(Items listed in a dataset)
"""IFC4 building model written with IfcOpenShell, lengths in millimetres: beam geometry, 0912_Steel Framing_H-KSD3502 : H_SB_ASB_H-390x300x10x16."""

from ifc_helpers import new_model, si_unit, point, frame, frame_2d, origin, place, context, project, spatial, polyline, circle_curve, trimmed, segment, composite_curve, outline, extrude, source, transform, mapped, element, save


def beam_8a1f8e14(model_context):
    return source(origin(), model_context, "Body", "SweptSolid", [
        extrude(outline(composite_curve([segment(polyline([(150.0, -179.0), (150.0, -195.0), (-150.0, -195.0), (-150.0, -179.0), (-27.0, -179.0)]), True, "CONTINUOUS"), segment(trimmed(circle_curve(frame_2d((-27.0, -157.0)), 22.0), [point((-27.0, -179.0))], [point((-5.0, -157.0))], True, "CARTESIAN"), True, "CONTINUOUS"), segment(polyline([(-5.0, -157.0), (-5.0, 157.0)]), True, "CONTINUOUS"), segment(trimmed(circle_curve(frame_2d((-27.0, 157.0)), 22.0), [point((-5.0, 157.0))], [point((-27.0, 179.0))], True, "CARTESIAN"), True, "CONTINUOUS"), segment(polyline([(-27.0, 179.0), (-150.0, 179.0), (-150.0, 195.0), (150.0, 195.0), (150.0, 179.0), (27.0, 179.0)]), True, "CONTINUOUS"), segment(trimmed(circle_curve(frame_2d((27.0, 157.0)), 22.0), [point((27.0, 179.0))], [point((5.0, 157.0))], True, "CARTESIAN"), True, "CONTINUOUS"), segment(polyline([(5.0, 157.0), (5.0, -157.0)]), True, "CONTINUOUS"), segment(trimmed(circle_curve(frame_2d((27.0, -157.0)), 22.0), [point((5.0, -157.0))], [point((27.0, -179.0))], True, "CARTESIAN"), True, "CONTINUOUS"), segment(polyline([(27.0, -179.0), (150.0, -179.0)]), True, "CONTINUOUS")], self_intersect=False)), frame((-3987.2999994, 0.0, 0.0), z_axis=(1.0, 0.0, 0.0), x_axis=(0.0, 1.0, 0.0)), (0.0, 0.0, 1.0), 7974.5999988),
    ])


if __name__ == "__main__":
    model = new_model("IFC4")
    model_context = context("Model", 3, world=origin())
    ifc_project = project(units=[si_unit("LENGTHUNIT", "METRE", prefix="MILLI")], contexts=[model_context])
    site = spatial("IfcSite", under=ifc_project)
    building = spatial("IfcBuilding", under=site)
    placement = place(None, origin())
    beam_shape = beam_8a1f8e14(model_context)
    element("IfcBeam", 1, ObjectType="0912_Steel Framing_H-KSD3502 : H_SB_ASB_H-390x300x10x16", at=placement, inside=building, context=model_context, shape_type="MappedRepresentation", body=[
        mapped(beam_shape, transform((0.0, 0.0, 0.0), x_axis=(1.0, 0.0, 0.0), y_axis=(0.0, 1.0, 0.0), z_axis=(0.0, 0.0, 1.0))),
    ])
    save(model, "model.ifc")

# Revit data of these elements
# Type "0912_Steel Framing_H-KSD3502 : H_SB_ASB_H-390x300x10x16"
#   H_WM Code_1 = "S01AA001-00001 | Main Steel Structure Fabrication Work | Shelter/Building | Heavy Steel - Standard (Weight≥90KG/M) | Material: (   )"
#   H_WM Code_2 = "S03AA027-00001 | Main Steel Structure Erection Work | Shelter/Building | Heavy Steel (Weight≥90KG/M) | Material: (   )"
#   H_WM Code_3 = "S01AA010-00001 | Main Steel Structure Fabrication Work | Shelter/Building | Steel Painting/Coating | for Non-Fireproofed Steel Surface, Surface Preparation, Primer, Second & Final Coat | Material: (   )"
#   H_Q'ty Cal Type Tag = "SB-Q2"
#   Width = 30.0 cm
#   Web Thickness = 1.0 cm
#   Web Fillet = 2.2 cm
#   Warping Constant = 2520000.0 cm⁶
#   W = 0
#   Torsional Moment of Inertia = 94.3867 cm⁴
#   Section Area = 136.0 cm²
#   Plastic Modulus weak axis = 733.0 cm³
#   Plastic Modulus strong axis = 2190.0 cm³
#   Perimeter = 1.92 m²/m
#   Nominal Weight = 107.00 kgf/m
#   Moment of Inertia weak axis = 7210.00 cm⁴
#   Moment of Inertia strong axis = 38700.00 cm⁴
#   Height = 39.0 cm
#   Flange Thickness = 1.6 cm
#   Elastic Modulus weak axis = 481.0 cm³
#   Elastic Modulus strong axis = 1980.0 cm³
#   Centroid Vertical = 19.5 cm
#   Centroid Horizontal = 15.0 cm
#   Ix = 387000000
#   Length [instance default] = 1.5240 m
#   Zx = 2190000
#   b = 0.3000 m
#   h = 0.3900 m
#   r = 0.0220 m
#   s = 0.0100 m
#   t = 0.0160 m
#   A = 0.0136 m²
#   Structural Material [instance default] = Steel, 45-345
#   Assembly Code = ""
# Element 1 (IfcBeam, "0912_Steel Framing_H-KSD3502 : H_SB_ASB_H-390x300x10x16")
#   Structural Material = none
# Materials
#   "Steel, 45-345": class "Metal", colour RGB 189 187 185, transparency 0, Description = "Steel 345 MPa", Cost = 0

- [Exercise brief] Lines containing the word "placement" in the entries above should be counted, and only that number given.

- [Task solution] 2